Seems to be related to unmapping of various resources.

Steps to reproduce

Unsure what is related in order to reproduce this.

Things related:

  1. I have built a new template and cloned it onto a thin pool bound to my SSD.

  2. I had just experienced a #7602 when I shutdown.

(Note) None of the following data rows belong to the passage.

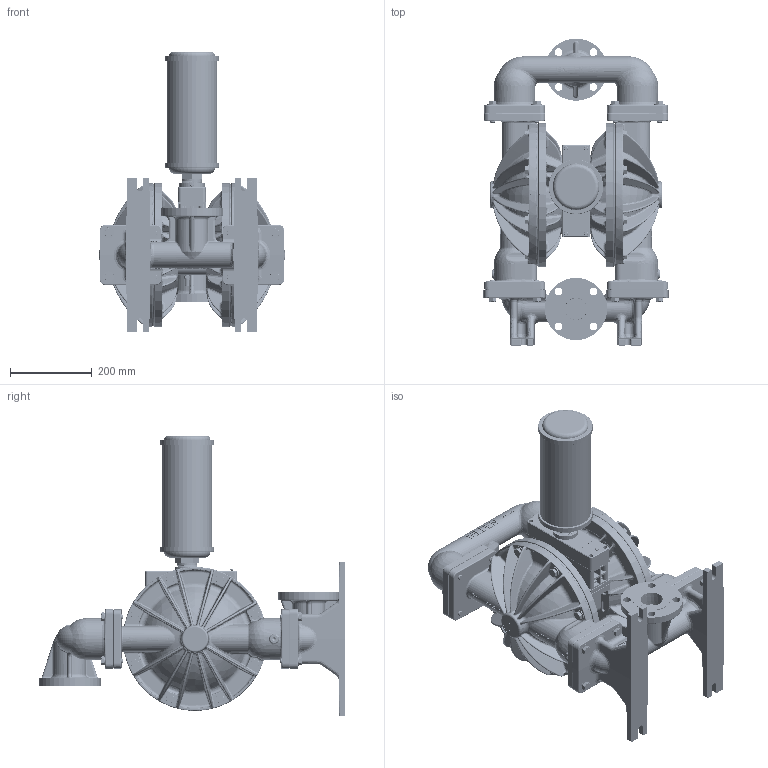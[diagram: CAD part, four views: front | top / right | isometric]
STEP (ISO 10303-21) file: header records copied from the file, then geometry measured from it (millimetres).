
FILE_DESCRIPTION (( 'STEP AP203' ), '1' );
FILE_NAME ('PS830_ADV_ALUMINUM_ANSI 1.STEP', '2022-07-04T12:31:02', ( '' ), ( '' ), 'SwSTEP 2.0', 'SolidWorks 2019', '' );
FILE_SCHEMA (( 'CONFIG_CONTROL_DESIGN' ));
Length unit declared in the file: inch
Products named in the file (1): PS830_ADV_ALUMINUM_ANSI 1
Bounding box: 453.45 x 751.59 x 686.69 mm (x, y, z)
Volume: 33360926.4 mm3; surface area: 1918021.3 mm2
Topology: 1 solids, 1 shells, 9079 faces, 23080 edges, 14315 vertices
Faces by surface type: plane 4414, bspline 2077, cylinder 1239, cone 560, torus 535, sphere 254
Entity records: 734957 total; most frequent: CARTESIAN_POINT 533697, ORIENTED_EDGE 46112, DIRECTION 35906, EDGE_CURVE 23056, VERTEX_POINT 14311, AXIS2_PLACEMENT_3D 12463, VECTOR 10980, LINE 10980
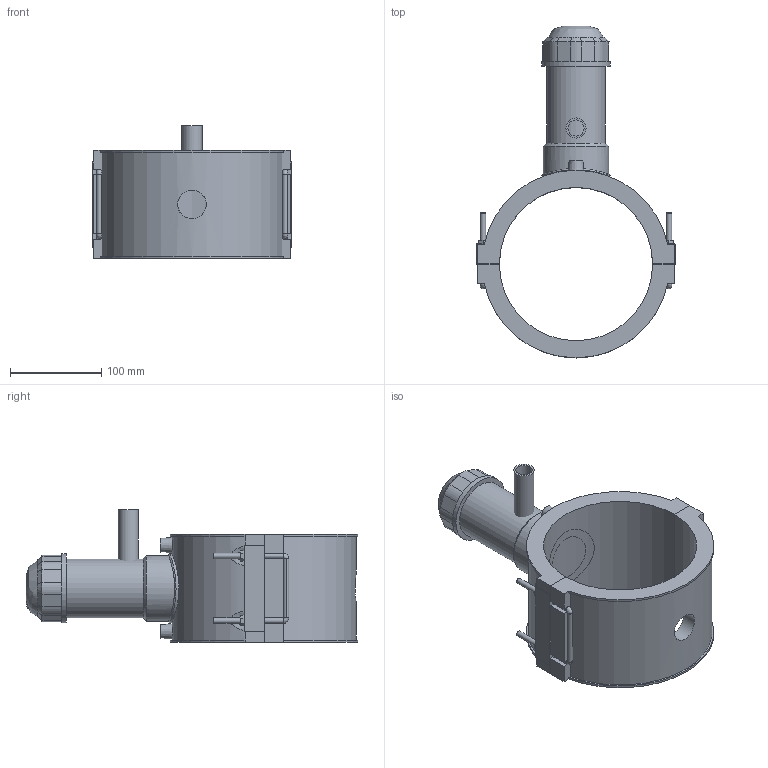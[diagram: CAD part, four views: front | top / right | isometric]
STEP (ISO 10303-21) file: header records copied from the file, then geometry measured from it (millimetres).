
FILE_DESCRIPTION(/* description */ ('PLASSON TAPPING SADDLE 6''''IPS x 3/4''''CTS'),/* implementation_level */ '2;1');
FILE_NAME(/* name */ 'C:\Dropbox\KIMPROJECTS-Inventor 2019\99-16-3568-Processing Inch\ASTM ElectroFusion 2021\5963BBP_5963BUP\5963BUP3060007.ipt.stp',/* time_stamp */ '2021-08-30T09:57:53+03:00',/* author */ ('KIM'),/* organization */ (''),/* preprocessor_version */ 'ST-DEVELOPER v17.2',/* originating_system */ 'Autodesk Inventor 2019',/* authorisation */ '');
FILE_SCHEMA (('AUTOMOTIVE_DESIGN { 1 0 10303 214 3 1 1 }'));
Length unit declared in the file: inch
Products named in the file (1): 5963BUP3060007
Bounding box: 217.9 x 363.85 x 145.16 mm (x, y, z)
Volume: 1604160.9 mm3; surface area: 268617.6 mm2
Topology: 3 solids, 3 shells, 187 faces, 489 edges, 313 vertices
Faces by surface type: plane 115, cylinder 47, cone 15, bspline 10
Full cylindrical faces by diameter (mm): 4 x2, 6 x8, 10 x2, 17.68 x1, 22.1 x1, 31.36 x1, 52.92 x1, 64.26 x1, 71.82 x1, 75.6 x2
Entity records: 6744 total; most frequent: CARTESIAN_POINT 2109, ORIENTED_EDGE 962, DIRECTION 932, EDGE_CURVE 481, AXIS2_PLACEMENT_3D 315, VERTEX_POINT 313, LINE 302, VECTOR 302
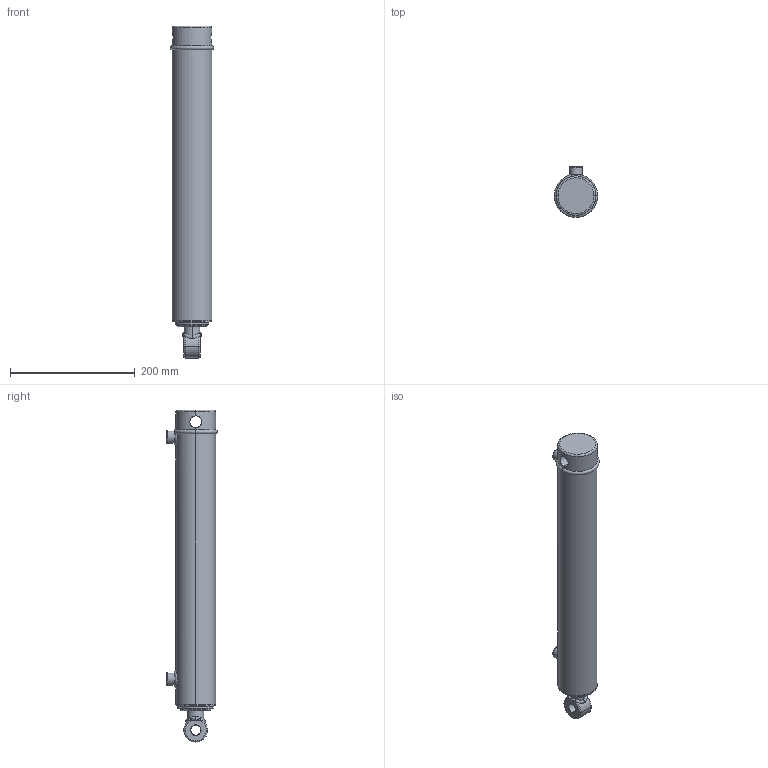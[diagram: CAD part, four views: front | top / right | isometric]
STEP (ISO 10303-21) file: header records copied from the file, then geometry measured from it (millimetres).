
FILE_DESCRIPTION (( 'STEP AP203' ), '1' );
FILE_NAME ('SB-C200100X355 (14).STEP', '2014-12-01T23:55:37', ( '' ), ( '' ), 'SwSTEP 2.0', 'SolidWorks 2014', '' );
FILE_SCHEMA (( 'CONFIG_CONTROL_DESIGN' ));
Length unit declared in the file: millimetre
Products named in the file (5): SB-C200100X355 (14) BODY; 2 inch circlip; SB-C2 14 SPARE; SB-C200100X355 (14)
Assembly tree (4 placements, depth 3):
  SB-C200100X355 (14)
    SB-C200100X355 (14) BODY
    2 inch circlip
    SB-C2 14 SPARE
      SB-C2 14 SPARE
Bounding box: 69.5 x 81.5 x 532 mm (x, y, z)
Volume: 1629182 mm3; surface area: 173471 mm2
Topology: 3 solids, 3 shells, 130 faces, 324 edges, 203 vertices
Faces by surface type: cylinder 51, bspline 25, plane 25, torus 21, cone 8
Entity records: 9343 total; most frequent: CARTESIAN_POINT 5899, ORIENTED_EDGE 640, DIRECTION 595, EDGE_CURVE 320, AXIS2_PLACEMENT_3D 263, VERTEX_POINT 203, CIRCLE 150, EDGE_LOOP 149

  3. I had shutdown every appvm before shutdown the dom0.

Expected behavior

No kernel soft lockup happen in shutdown

Actual behavior

Kernel soft lockup happen in shutdown.

DemiMarie commented 1 year ago

That is a rather weird backtrace!

logoerthiner1 commented 1 year ago

Most likely related to #7340 (as the issue turns out to be a xen timer misoperation causing kernel soft lockup), and this issue should be fixed now hopefully.

Maybe keep it later and see whether similar issues occur again.